*** Begin section ***

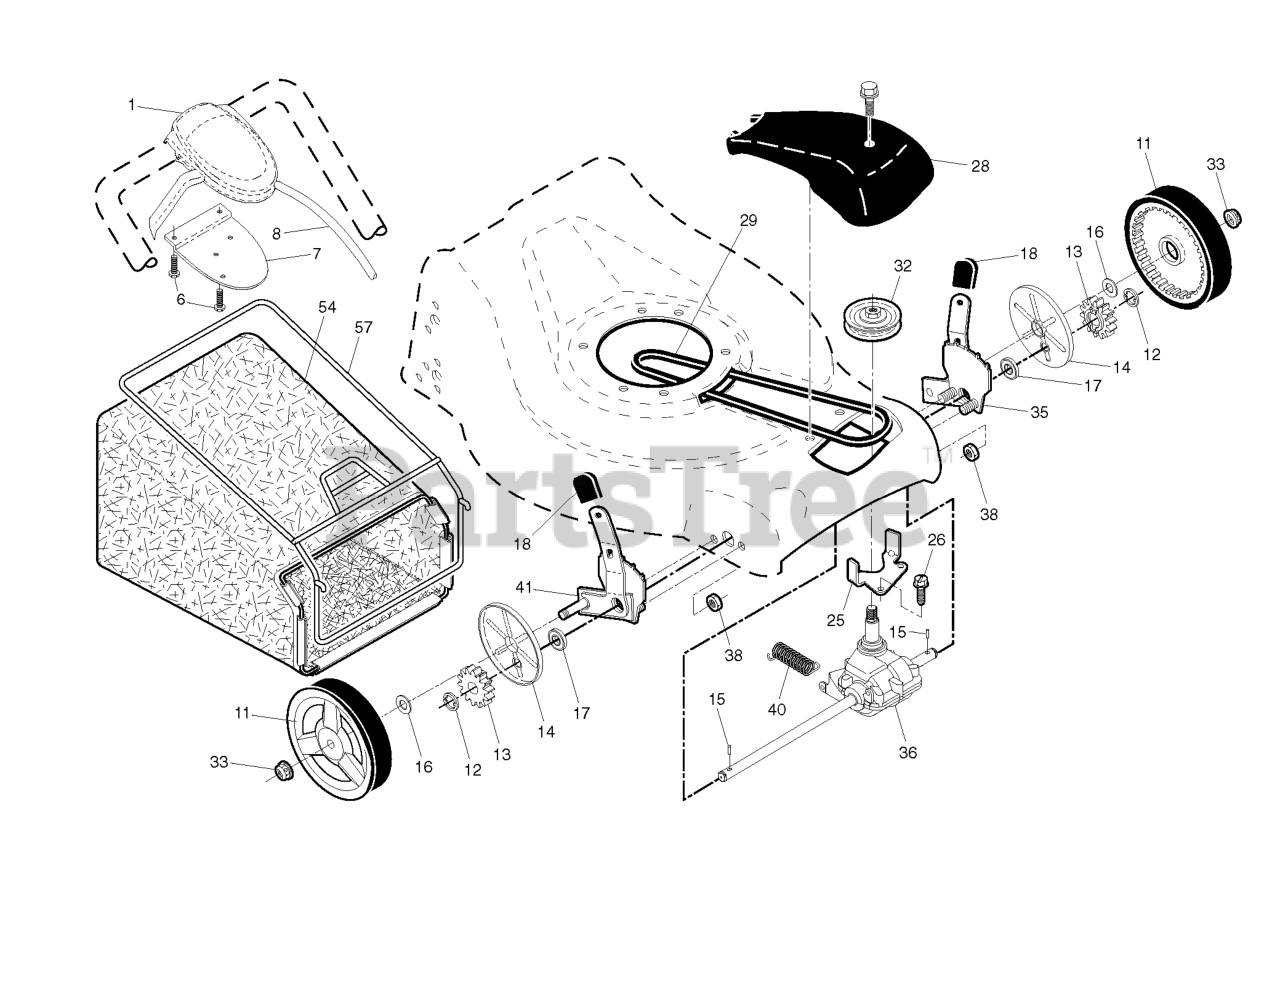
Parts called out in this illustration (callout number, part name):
1	CONTROL.DR.QW.21FGD.BS.GY/BLK
6	SCREW, PHILLIPS HEAD 10 X 5/8
7	BRACKET.DRIVE.CONTROL.MOUNT.BL
8	CABLE ASSEMBLY, DRIVE
11	WHEEL.8X1.75.H3SPK.RAD3.GY.BU3
12	E-RING 7/16 RE
13	PINION.14.TEETH.FGD
14	COVER.DUST.WHEEL
15	PAWL, DRIVE
16	WASHER FLUT
17	BEARING
18	SELECTOR KNOB
25	BELT KEEPER
28	COVER.DRIVE.ASM.185579.CE.WALK
29	BELT.DRIVE.FG
32	RP PULLEY.DRIVE.EZ
33	NUT.HEX.FLANGE.3/8-16.LO(3 2)
35	KIT ADJUSTER ASM.438151.
36	TRANSMISSION.21.FGD.HT.VST
38	LOCKNUT.NYLOC.1/4-20
41	KIT ADJUSTER ASM.438148
54	Grassbag Assembly
57	FRAME.GBAG.21.FWGD
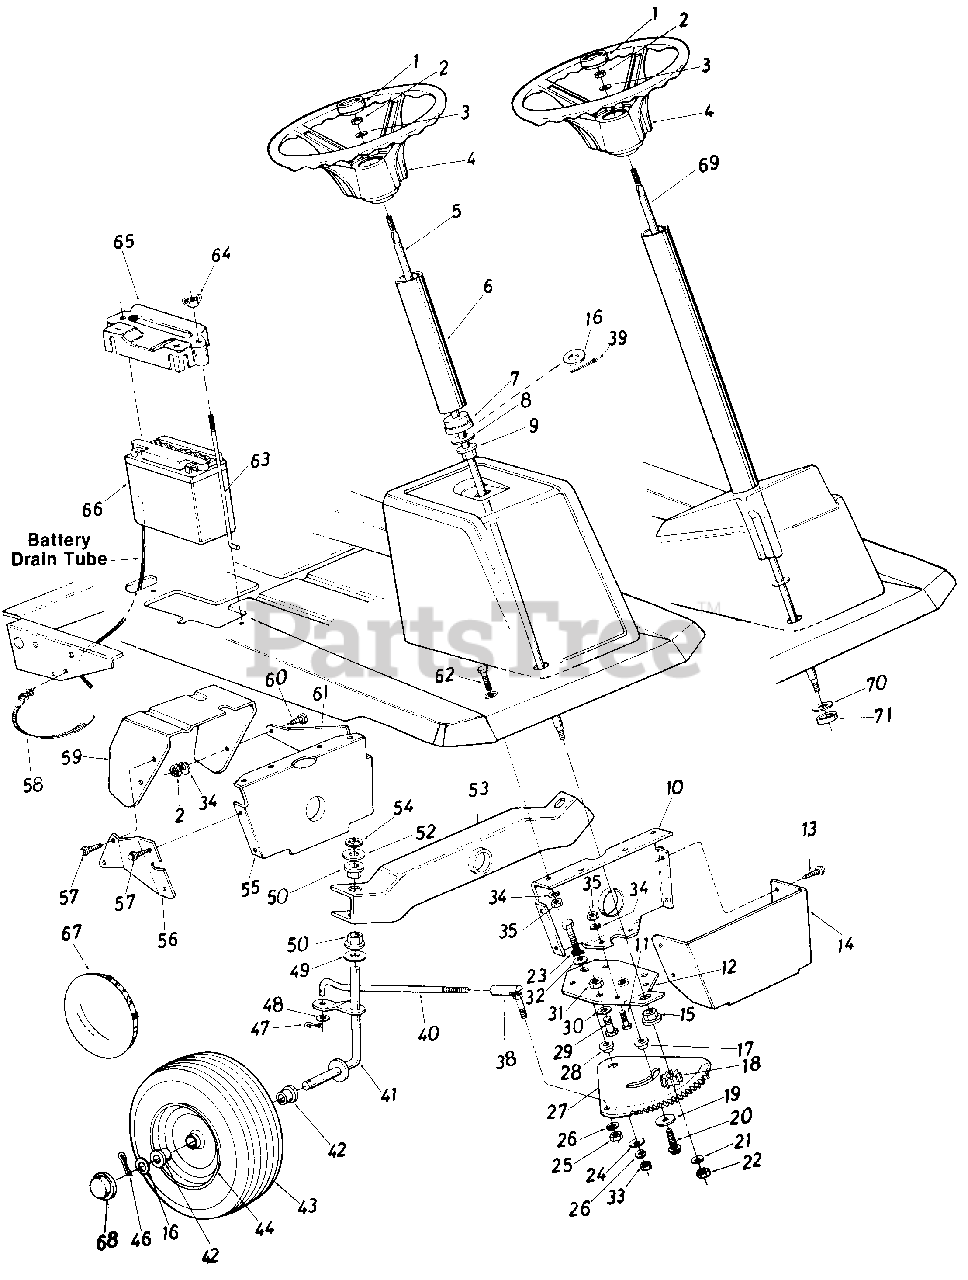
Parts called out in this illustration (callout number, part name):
1	Steering Wheel Cap
2	Hex Nut 5/16-18 Thd.
3	Bell-Wash. .345" I.D. x .88" O.D.
4	Steering Wheel Ass'y.
5	Steering Shaft
8	Fl-Wash. .640" I.D. x 1.25" O.D.
9	Hex Flange Bearing
10	Pivot Bar Bracket
11	Hex Bolt 5/16-18 x .75" Lg.
12	Steeri ng Gear Support Brkt.
13	Hex Wash. Hd. AB-Tap Scr. 1/4 x.62" Lg.
16	Fl-Wash. .640" I.D. x 1.62" O.D.
17	Shoulder Spacer .622 Dia. x .218
18	Steering Pinion Gear
19	Fl-Wash. .385" I.D. x 1.38" O.D.
20	Hex Wash. Hd. Self-Tap Scr. 3/8-16 x 1.25" Lg.
21	Fl-Wash. .34" I.D. x .68" O.D.
22	Hex Nut 5/16-24 Thd.
23	Hex Bolt 3/8-24 x 1.25" Lg. (Grade 5)
24	Fl-Wash. .385" I.D. x 1.38" O.D.
25	Hex Nut 3/8-24 Thd.*
26	L-Wash. 3/8" I.D.
27	Steering Gear Segment
28	Shoulder Spacer .622" Dia. x .218
29	Hex Bolt (Nylon) 1/2-13 x .75" Lg.
30	Fl-Wash. .530" I.D. x .930" O.D.
31	Hex Nut 1/2-13 Thd.
32	Bell-Wash. .385" I.D. x .88"
33	Hex Nut 3/8-24 Thd.
34	L-Wash. 5/16" I.D.
35	Hex Nut 5/16-18 Thd.
38	Bal I J oi nt Ass'y. 3/8-24 Thd.
39	Cotter Pin 1/8" Dia. x 1.00" Lg.
40	Steering Tie Rod
41	Front Axle Ass'y.-R.H.
42	Flange Bearing .632" I.D.
43	Front Wheel Ass'y. Comp.
44	Front Wheel Rim Only
46	Cotter Pin 1/8" Dia. x 1.25" Lg.*
47	Cotter Pin 1/8" Dia. x 1.00" Lg.*
48	Fl-Wash. .385" I.D. x .87" O.D.
49	Fl-Wash. .635" I.D. x 1.12" O.D.
50	Hex Flange Bearing
52	Fl-Wash. .635" I.D. x 1.12" O.D.
53	Pivot Bar Ass'y.
54	Speed Nut 5/8" I.D.
55	Pivot Bar Bracket
56	Bracket Reinforcement-R.H.
57	Hex Wash. Hd. AB-Tap Scr. 1/4 x.62" Lg.
58	Cable Tie
59	Clutch-Brake Pedal Ass'y.
60	Hex Bolt 5/16-18 x .75" Lg.
61	Bracket Reinforcement-L.H.
62	Hex Bolt 5/16-18 x .75" Lg.
63	Battery Hold Down Rod
64	Wing Nut Solid 1/4-20 Thd.
65	Battery Hold Down Cover
66	12V Battery
67	Chrome Hub Cap
68	Plastic Hub Cap
69	Steering Shaft Assy.
70	Fl-Wash. .62" I.D. x 1.50" O.D.
71	Spacer (Plastic)
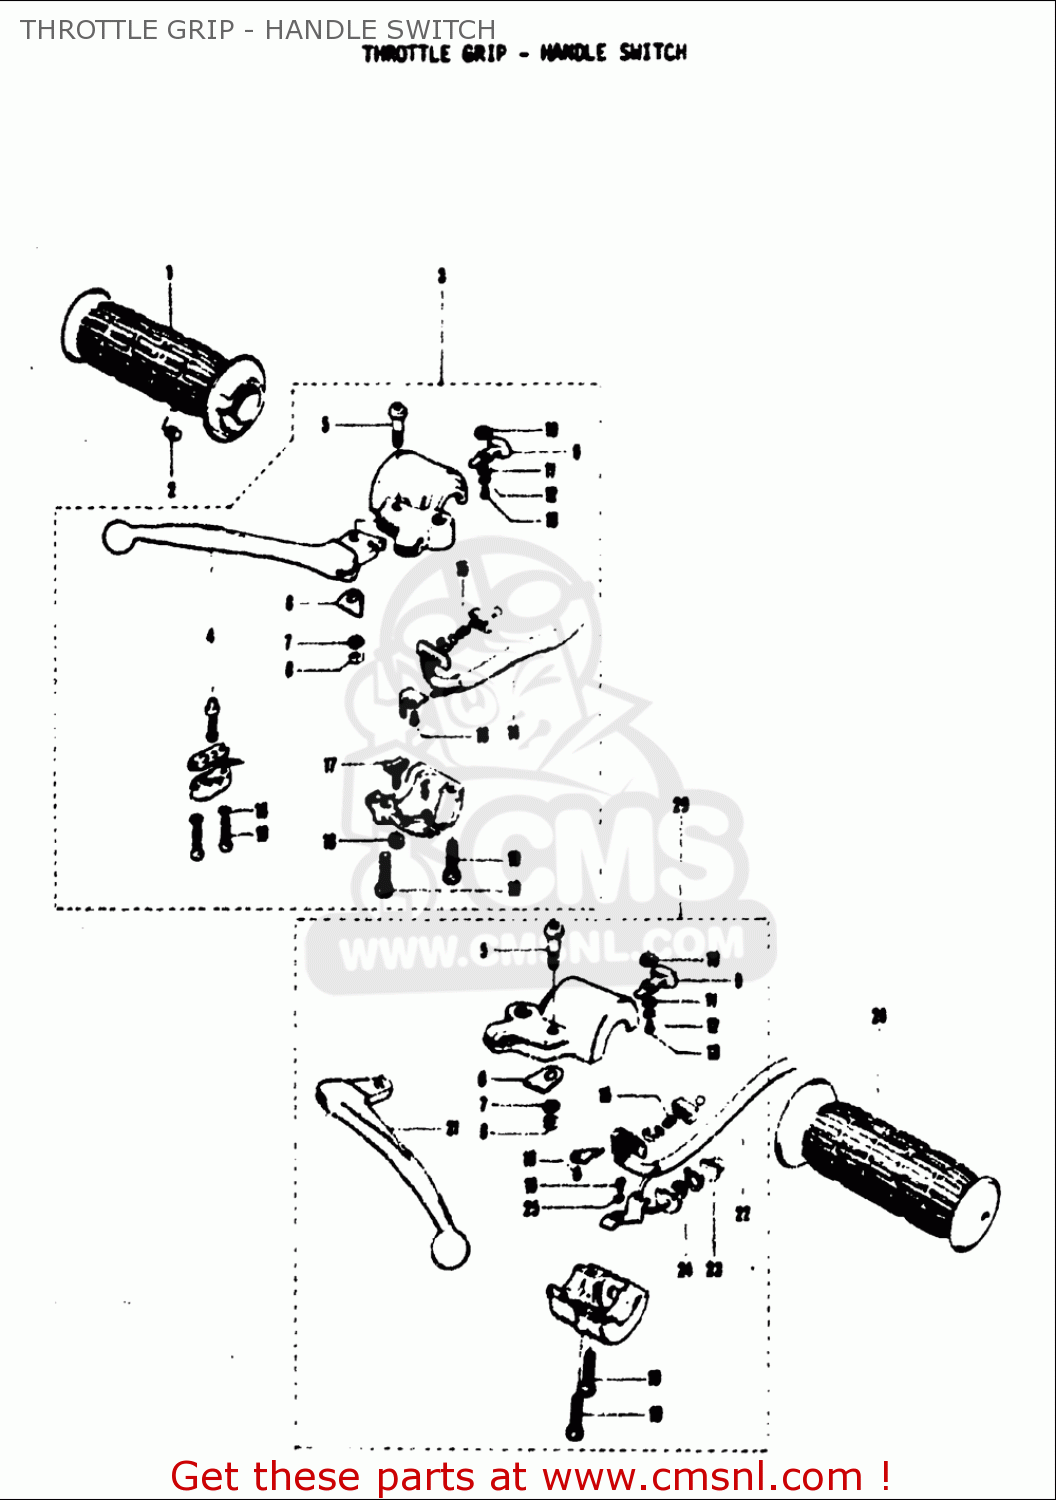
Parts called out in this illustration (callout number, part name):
1	GRIP,THROTTLE
2	PIECE,THROTTLE END
4	LEVER,BRAKE
5	BOLT,LEVER PIVOT
6	SPACER,LEVER
7	WASHER,LOCK
8	NUT
11	WASHER
12	WASHER,LOCK
18	NUT
19	SCREW
21	LEVER,CLUTCH
23	BUTTON
24	SPRING
25	WASHER,LOCK
26	GRIP

*** End section ***

_Task prompt_:
Using the data above, write out every line exactly, leaving the images behind.

_Written response_:
Parts called out in this illustration (callout number, part name):
1	CONTROL.DR.QW.21FGD.BS.GY/BLK
6	SCREW, PHILLIPS HEAD 10 X 5/8
7	BRACKET.DRIVE.CONTROL.MOUNT.BL
8	CABLE ASSEMBLY, DRIVE
11	WHEEL.8X1.75.H3SPK.RAD3.GY.BU3
12	E-RING 7/16 RE
13	PINION.14.TEETH.FGD
14	COVER.DUST.WHEEL
15	PAWL, DRIVE
16	WASHER FLUT
17	BEARING
18	SELECTOR KNOB
25	BELT KEEPER
28	COVER.DRIVE.ASM.185579.CE.WALK
29	BELT.DRIVE.FG
32	RP PULLEY.DRIVE.EZ
33	NUT.HEX.FLANGE.3/8-16.LO(3 2)
35	KIT ADJUSTER ASM.438151.
36	TRANSMISSION.21.FGD.HT.VST
38	LOCKNUT.NYLOC.1/4-20
41	KIT ADJUSTER ASM.438148
54	Grassbag Assembly
57	FRAME.GBAG.21.FWGD
Parts called out in this illustration (callout number, part name):
1	Steering Wheel Cap
2	Hex Nut 5/16-18 Thd.
3	Bell-Wash. .345" I.D. x .88" O.D.
4	Steering Wheel Ass'y.
5	Steering Shaft
8	Fl-Wash. .640" I.D. x 1.25" O.D.
9	Hex Flange Bearing
10	Pivot Bar Bracket
11	Hex Bolt 5/16-18 x .75" Lg.
12	Steeri ng Gear Support Brkt.
13	Hex Wash. Hd. AB-Tap Scr. 1/4 x.62" Lg.
16	Fl-Wash. .640" I.D. x 1.62" O.D.
17	Shoulder Spacer .622 Dia. x .218
18	Steering Pinion Gear
19	Fl-Wash. .385" I.D. x 1.38" O.D.
20	Hex Wash. Hd. Self-Tap Scr. 3/8-16 x 1.25" Lg.
21	Fl-Wash. .34" I.D. x .68" O.D.
22	Hex Nut 5/16-24 Thd.
23	Hex Bolt 3/8-24 x 1.25" Lg. (Grade 5)
24	Fl-Wash. .385" I.D. x 1.38" O.D.
25	Hex Nut 3/8-24 Thd.*
26	L-Wash. 3/8" I.D.
27	Steering Gear Segment
28	Shoulder Spacer .622" Dia. x .218
29	Hex Bolt (Nylon) 1/2-13 x .75" Lg.
30	Fl-Wash. .530" I.D. x .930" O.D.
31	Hex Nut 1/2-13 Thd.
32	Bell-Wash. .385" I.D. x .88"
33	Hex Nut 3/8-24 Thd.
34	L-Wash. 5/16" I.D.
35	Hex Nut 5/16-18 Thd.
38	Bal I J oi nt Ass'y. 3/8-24 Thd.
39	Cotter Pin 1/8" Dia. x 1.00" Lg.
40	Steering Tie Rod
41	Front Axle Ass'y.-R.H.
42	Flange Bearing .632" I.D.
43	Front Wheel Ass'y. Comp.
44	Front Wheel Rim Only
46	Cotter Pin 1/8" Dia. x 1.25" Lg.*
47	Cotter Pin 1/8" Dia. x 1.00" Lg.*
48	Fl-Wash. .385" I.D. x .87" O.D.
49	Fl-Wash. .635" I.D. x 1.12" O.D.
50	Hex Flange Bearing
52	Fl-Wash. .635" I.D. x 1.12" O.D.
53	Pivot Bar Ass'y.
54	Speed Nut 5/8" I.D.
55	Pivot Bar Bracket
56	Bracket Reinforcement-R.H.
57	Hex Wash. Hd. AB-Tap Scr. 1/4 x.62" Lg.
58	Cable Tie
59	Clutch-Brake Pedal Ass'y.
60	Hex Bolt 5/16-18 x .75" Lg.
61	Bracket Reinforcement-L.H.
62	Hex Bolt 5/16-18 x .75" Lg.
63	Battery Hold Down Rod
64	Wing Nut Solid 1/4-20 Thd.
65	Battery Hold Down Cover
66	12V Battery
67	Chrome Hub Cap
68	Plastic Hub Cap
69	Steering Shaft Assy.
70	Fl-Wash. .62" I.D. x 1.50" O.D.
71	Spacer (Plastic)
Parts called out in this illustration (callout number, part name):
1	GRIP,THROTTLE
2	PIECE,THROTTLE END
4	LEVER,BRAKE
5	BOLT,LEVER PIVOT
6	SPACER,LEVER
7	WASHER,LOCK
8	NUT
11	WASHER
12	WASHER,LOCK
18	NUT
19	SCREW
21	LEVER,CLUTCH
23	BUTTON
24	SPRING
25	WASHER,LOCK
26	GRIP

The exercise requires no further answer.